EXERCISE OBJECTIVE ::
Without including any pictures, write out all the entries exactly.

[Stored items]
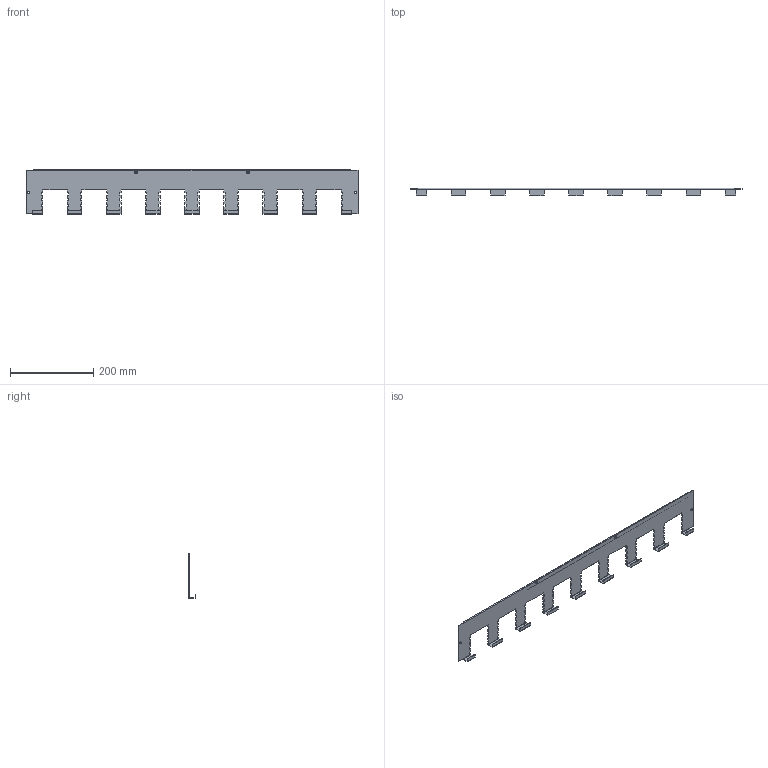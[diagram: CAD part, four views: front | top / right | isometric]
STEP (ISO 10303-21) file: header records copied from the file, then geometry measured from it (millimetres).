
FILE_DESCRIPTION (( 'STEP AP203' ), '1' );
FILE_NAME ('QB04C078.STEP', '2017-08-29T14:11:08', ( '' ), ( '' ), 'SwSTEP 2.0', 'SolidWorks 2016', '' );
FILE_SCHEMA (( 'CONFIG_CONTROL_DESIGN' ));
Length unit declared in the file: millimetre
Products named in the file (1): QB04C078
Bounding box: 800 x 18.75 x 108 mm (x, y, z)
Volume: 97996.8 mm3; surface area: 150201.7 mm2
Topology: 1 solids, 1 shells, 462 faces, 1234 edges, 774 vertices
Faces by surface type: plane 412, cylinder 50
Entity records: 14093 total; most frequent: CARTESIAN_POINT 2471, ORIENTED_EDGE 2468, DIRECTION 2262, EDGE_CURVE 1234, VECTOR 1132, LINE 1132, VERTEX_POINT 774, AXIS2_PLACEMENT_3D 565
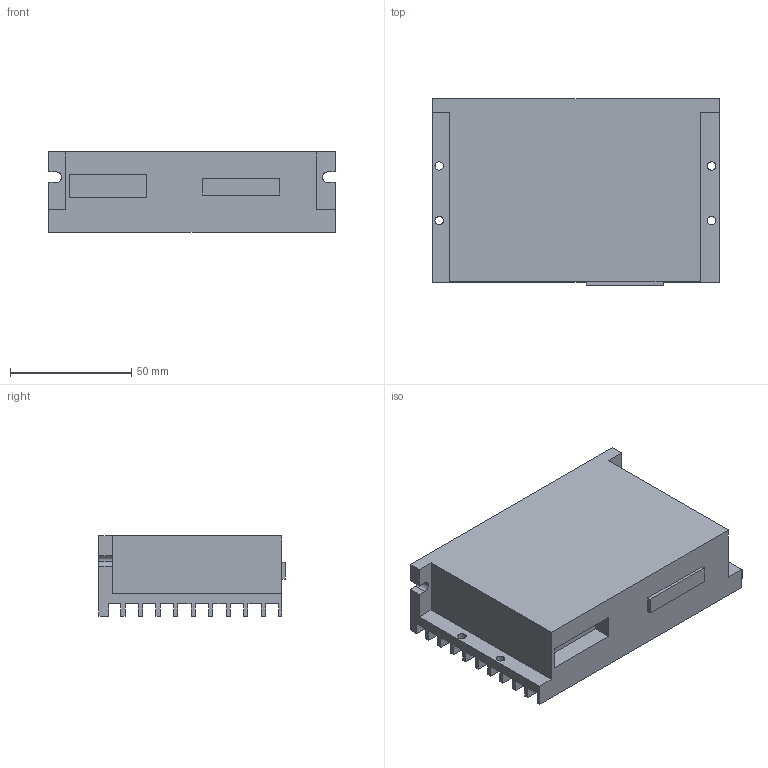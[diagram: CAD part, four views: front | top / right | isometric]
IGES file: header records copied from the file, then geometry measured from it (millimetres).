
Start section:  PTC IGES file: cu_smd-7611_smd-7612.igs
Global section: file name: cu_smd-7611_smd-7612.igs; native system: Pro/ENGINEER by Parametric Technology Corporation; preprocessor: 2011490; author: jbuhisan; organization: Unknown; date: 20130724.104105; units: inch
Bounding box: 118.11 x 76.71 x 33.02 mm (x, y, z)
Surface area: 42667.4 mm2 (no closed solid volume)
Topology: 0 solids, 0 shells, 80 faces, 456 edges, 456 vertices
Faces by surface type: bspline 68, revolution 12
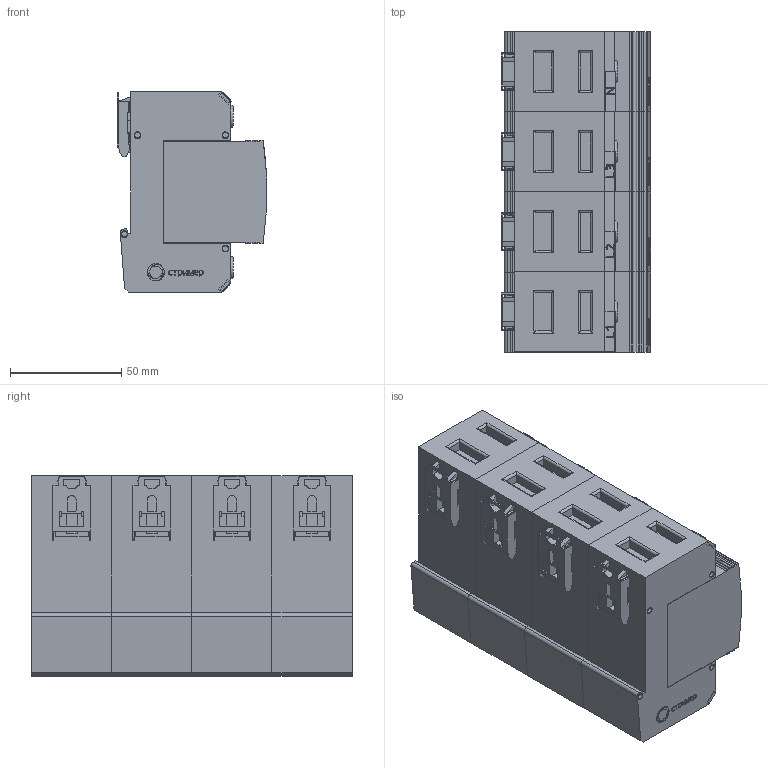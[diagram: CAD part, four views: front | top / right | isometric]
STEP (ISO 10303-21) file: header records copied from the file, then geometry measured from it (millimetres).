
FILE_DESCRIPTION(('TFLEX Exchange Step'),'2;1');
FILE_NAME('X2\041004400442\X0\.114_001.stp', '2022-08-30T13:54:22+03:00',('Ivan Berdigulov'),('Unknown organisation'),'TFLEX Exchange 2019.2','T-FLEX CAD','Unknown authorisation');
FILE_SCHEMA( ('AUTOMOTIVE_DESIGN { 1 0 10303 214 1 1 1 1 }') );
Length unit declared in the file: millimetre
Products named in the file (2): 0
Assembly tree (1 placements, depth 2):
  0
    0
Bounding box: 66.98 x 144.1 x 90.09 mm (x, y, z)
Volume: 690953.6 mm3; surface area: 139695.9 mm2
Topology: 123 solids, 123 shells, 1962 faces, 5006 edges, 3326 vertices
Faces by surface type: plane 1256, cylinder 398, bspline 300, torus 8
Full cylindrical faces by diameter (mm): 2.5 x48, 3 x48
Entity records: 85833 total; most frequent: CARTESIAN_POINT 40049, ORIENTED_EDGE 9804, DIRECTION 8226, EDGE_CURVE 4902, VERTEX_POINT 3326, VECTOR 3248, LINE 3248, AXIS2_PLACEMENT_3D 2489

ANSWER BELOW ::
[diagram: CAD part, four views: front | top / right | isometric]
STEP (ISO 10303-21) file: header records copied from the file, then geometry measured from it (millimetres).
FILE_DESCRIPTION (( 'STEP AP203' ), '1' );
FILE_NAME ('QB04C078.STEP', '2017-08-29T14:11:08', ( '' ), ( '' ), 'SwSTEP 2.0', 'SolidWorks 2016', '' );
FILE_SCHEMA (( 'CONFIG_CONTROL_DESIGN' ));
Length unit declared in the file: millimetre
Products named in the file (1): QB04C078
Bounding box: 800 x 18.75 x 108 mm (x, y, z)
Volume: 97996.8 mm3; surface area: 150201.7 mm2
Topology: 1 solids, 1 shells, 462 faces, 1234 edges, 774 vertices
Faces by surface type: plane 412, cylinder 50
Entity records: 14093 total; most frequent: CARTESIAN_POINT 2471, ORIENTED_EDGE 2468, DIRECTION 2262, EDGE_CURVE 1234, VECTOR 1132, LINE 1132, VERTEX_POINT 774, AXIS2_PLACEMENT_3D 565
[diagram: CAD part, four views: front | top / right | isometric]
IGES file: header records copied from the file, then geometry measured from it (millimetres).
Start section:  PTC IGES file: cu_smd-7611_smd-7612.igs
Global section: file name: cu_smd-7611_smd-7612.igs; native system: Pro/ENGINEER by Parametric Technology Corporation; preprocessor: 2011490; author: jbuhisan; organization: Unknown; date: 20130724.104105; units: inch
Bounding box: 118.11 x 76.71 x 33.02 mm (x, y, z)
Surface area: 42667.4 mm2 (no closed solid volume)
Topology: 0 solids, 0 shells, 80 faces, 456 edges, 456 vertices
Faces by surface type: bspline 68, revolution 12
[diagram: CAD part, four views: front | top / right | isometric]
STEP (ISO 10303-21) file: header records copied from the file, then geometry measured from it (millimetres).
FILE_DESCRIPTION(('TFLEX Exchange Step'),'2;1');
FILE_NAME('X2\041004400442\X0\.114_001.stp', '2022-08-30T13:54:22+03:00',('Ivan Berdigulov'),('Unknown organisation'),'TFLEX Exchange 2019.2','T-FLEX CAD','Unknown authorisation');
FILE_SCHEMA( ('AUTOMOTIVE_DESIGN { 1 0 10303 214 1 1 1 1 }') );
Length unit declared in the file: millimetre
Products named in the file (2): 0
Assembly tree (1 placements, depth 2):
  0
    0
Bounding box: 66.98 x 144.1 x 90.09 mm (x, y, z)
Volume: 690953.6 mm3; surface area: 139695.9 mm2
Topology: 123 solids, 123 shells, 1962 faces, 5006 edges, 3326 vertices
Faces by surface type: plane 1256, cylinder 398, bspline 300, torus 8
Full cylindrical faces by diameter (mm): 2.5 x48, 3 x48
Entity records: 85833 total; most frequent: CARTESIAN_POINT 40049, ORIENTED_EDGE 9804, DIRECTION 8226, EDGE_CURVE 4902, VERTEX_POINT 3326, VECTOR 3248, LINE 3248, AXIS2_PLACEMENT_3D 2489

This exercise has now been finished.